*What is expected*:
The records that follow are to be reproduced exactly. Any pictures in them are left out.

== Segment start ==

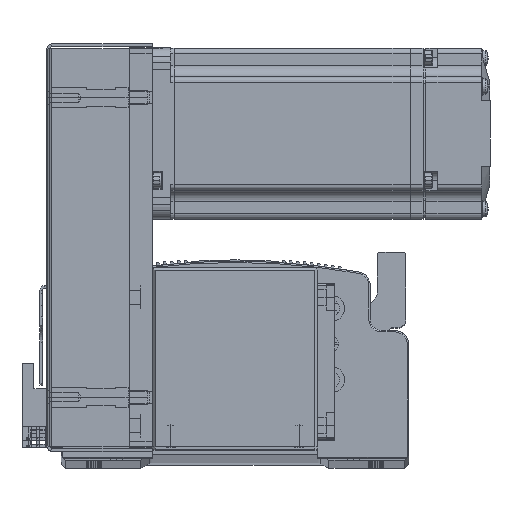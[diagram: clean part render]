
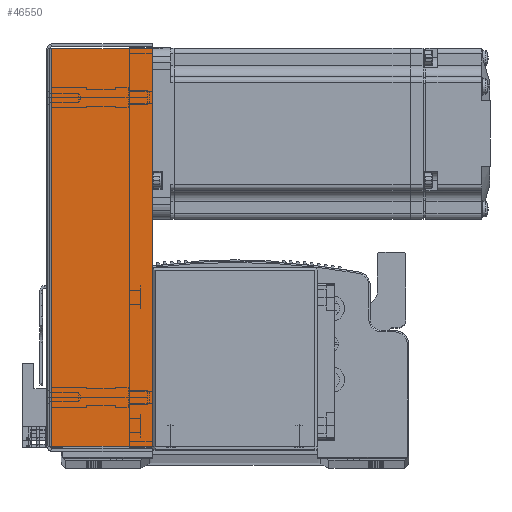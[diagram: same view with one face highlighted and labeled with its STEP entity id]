
A CAD part, top view. The second image highlights one B-rep face of the part: STEP entity #46550.
In plain terms, the highlighted planar face has unit normal (0, 0, 1) as drawn and (0, 0, -1) by its records, which use the part's own axes.
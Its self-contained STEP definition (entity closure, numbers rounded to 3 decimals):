
#7143 = EDGE_LOOP ( 'NONE', ( #70197, #70224, #70315, #70196 ) ) ;
#13017 = FACE_OUTER_BOUND ( 'NONE', #7143, .T. ) ;
#23240 = DIRECTION ( 'NONE',  ( 0., -1., 0. ) ) ;
#23262 = DIRECTION ( 'NONE',  ( 0., 0., 1. ) ) ;
#23275 = PLANE ( 'NONE',  #48604 ) ;
#23281 = CARTESIAN_POINT ( 'NONE',  ( 0., 0., -33.5 ) ) ;
#36262 = CARTESIAN_POINT ( 'NONE',  ( 69.793, 36., -33.5 ) ) ;
#36334 = CARTESIAN_POINT ( 'NONE',  ( -69.793, 36., -33.5 ) ) ;
#36365 = CARTESIAN_POINT ( 'NONE',  ( 69.793, 0.737, -33.5 ) ) ;
#36416 = CARTESIAN_POINT ( 'NONE',  ( -69.793, 0.737, -33.5 ) ) ;
#38495 = VERTEX_POINT ( 'NONE', #36262 ) ;
#38579 = VERTEX_POINT ( 'NONE', #36334 ) ;
#38705 = VERTEX_POINT ( 'NONE', #36365 ) ;
#38768 = VERTEX_POINT ( 'NONE', #36416 ) ;
#46550 = ADVANCED_FACE ( 'NONE', ( #13017 ), #23275, .F. ) ;
#48604 = AXIS2_PLACEMENT_3D ( 'NONE', #23281, #23262, #23240 ) ;
#56322 = CARTESIAN_POINT ( 'NONE',  ( 69.793, 0., -33.5 ) ) ;
#56336 = DIRECTION ( 'NONE',  ( 0., 1., 0. ) ) ;
#56449 = CARTESIAN_POINT ( 'NONE',  ( 71.5, 0.737, -33.5 ) ) ;
#56450 = DIRECTION ( 'NONE',  ( 1., 0., 0. ) ) ;
#56499 = CARTESIAN_POINT ( 'NONE',  ( 0., 36., -33.5 ) ) ;
#56504 = DIRECTION ( 'NONE',  ( 1., 0., 0. ) ) ;
#70196 = ORIENTED_EDGE ( 'NONE', *, *, #75410, .F. ) ;
#70197 = ORIENTED_EDGE ( 'NONE', *, *, #75466, .F. ) ;
#70224 = ORIENTED_EDGE ( 'NONE', *, *, #75371, .T. ) ;
#70315 = ORIENTED_EDGE ( 'NONE', *, *, #75470, .T. ) ;
#74060 = VECTOR ( 'NONE', #79323, 1000. ) ;
#74071 = LINE ( 'NONE', #79297, #74060 ) ;
#74128 = LINE ( 'NONE', #56322, #74139 ) ;
#74139 = VECTOR ( 'NONE', #56336, 1000. ) ;
#74185 = VECTOR ( 'NONE', #56450, 1000. ) ;
#74192 = LINE ( 'NONE', #56449, #74185 ) ;
#74207 = LINE ( 'NONE', #56499, #74224 ) ;
#74224 = VECTOR ( 'NONE', #56504, 1000. ) ;
#75371 = EDGE_CURVE ( 'NONE', #38768, #38579, #74071, .T. ) ;
#75410 = EDGE_CURVE ( 'NONE', #38705, #38495, #74128, .T. ) ;
#75466 = EDGE_CURVE ( 'NONE', #38768, #38705, #74192, .T. ) ;
#75470 = EDGE_CURVE ( 'NONE', #38579, #38495, #74207, .T. ) ;
#79297 = CARTESIAN_POINT ( 'NONE',  ( -69.793, 0., -33.5 ) ) ;
#79323 = DIRECTION ( 'NONE',  ( 0., 1., 0. ) ) ;

== Segment end ==

*Answer for this exercise*:
[diagram: clean part render]
[diagram: same view with one face highlighted and labeled with its STEP entity id]
A CAD part, top view. The second image highlights one B-rep face of the part: STEP entity #46550.
In plain terms, the highlighted planar face has unit normal (0, 0, 1) as drawn and (0, 0, -1) by its records, which use the part's own axes.
Its self-contained STEP definition (entity closure, numbers rounded to 3 decimals):
#7143 = EDGE_LOOP ( 'NONE', ( #70197, #70224, #70315, #70196 ) ) ;
#13017 = FACE_OUTER_BOUND ( 'NONE', #7143, .T. ) ;
#23240 = DIRECTION ( 'NONE',  ( 0., -1., 0. ) ) ;
#23262 = DIRECTION ( 'NONE',  ( 0., 0., 1. ) ) ;
#23275 = PLANE ( 'NONE',  #48604 ) ;
#23281 = CARTESIAN_POINT ( 'NONE',  ( 0., 0., -33.5 ) ) ;
#36262 = CARTESIAN_POINT ( 'NONE',  ( 69.793, 36., -33.5 ) ) ;
#36334 = CARTESIAN_POINT ( 'NONE',  ( -69.793, 36., -33.5 ) ) ;
#36365 = CARTESIAN_POINT ( 'NONE',  ( 69.793, 0.737, -33.5 ) ) ;
#36416 = CARTESIAN_POINT ( 'NONE',  ( -69.793, 0.737, -33.5 ) ) ;
#38495 = VERTEX_POINT ( 'NONE', #36262 ) ;
#38579 = VERTEX_POINT ( 'NONE', #36334 ) ;
#38705 = VERTEX_POINT ( 'NONE', #36365 ) ;
#38768 = VERTEX_POINT ( 'NONE', #36416 ) ;
#46550 = ADVANCED_FACE ( 'NONE', ( #13017 ), #23275, .F. ) ;
#48604 = AXIS2_PLACEMENT_3D ( 'NONE', #23281, #23262, #23240 ) ;
#56322 = CARTESIAN_POINT ( 'NONE',  ( 69.793, 0., -33.5 ) ) ;
#56336 = DIRECTION ( 'NONE',  ( 0., 1., 0. ) ) ;
#56449 = CARTESIAN_POINT ( 'NONE',  ( 71.5, 0.737, -33.5 ) ) ;
#56450 = DIRECTION ( 'NONE',  ( 1., 0., 0. ) ) ;
#56499 = CARTESIAN_POINT ( 'NONE',  ( 0., 36., -33.5 ) ) ;
#56504 = DIRECTION ( 'NONE',  ( 1., 0., 0. ) ) ;
#70196 = ORIENTED_EDGE ( 'NONE', *, *, #75410, .F. ) ;
#70197 = ORIENTED_EDGE ( 'NONE', *, *, #75466, .F. ) ;
#70224 = ORIENTED_EDGE ( 'NONE', *, *, #75371, .T. ) ;
#70315 = ORIENTED_EDGE ( 'NONE', *, *, #75470, .T. ) ;
#74060 = VECTOR ( 'NONE', #79323, 1000. ) ;
#74071 = LINE ( 'NONE', #79297, #74060 ) ;
#74128 = LINE ( 'NONE', #56322, #74139 ) ;
#74139 = VECTOR ( 'NONE', #56336, 1000. ) ;
#74185 = VECTOR ( 'NONE', #56450, 1000. ) ;
#74192 = LINE ( 'NONE', #56449, #74185 ) ;
#74207 = LINE ( 'NONE', #56499, #74224 ) ;
#74224 = VECTOR ( 'NONE', #56504, 1000. ) ;
#75371 = EDGE_CURVE ( 'NONE', #38768, #38579, #74071, .T. ) ;
#75410 = EDGE_CURVE ( 'NONE', #38705, #38495, #74128, .T. ) ;
#75466 = EDGE_CURVE ( 'NONE', #38768, #38705, #74192, .T. ) ;
#75470 = EDGE_CURVE ( 'NONE', #38579, #38495, #74207, .T. ) ;
#79297 = CARTESIAN_POINT ( 'NONE',  ( -69.793, 0., -33.5 ) ) ;
#79323 = DIRECTION ( 'NONE',  ( 0., 1., 0. ) ) ;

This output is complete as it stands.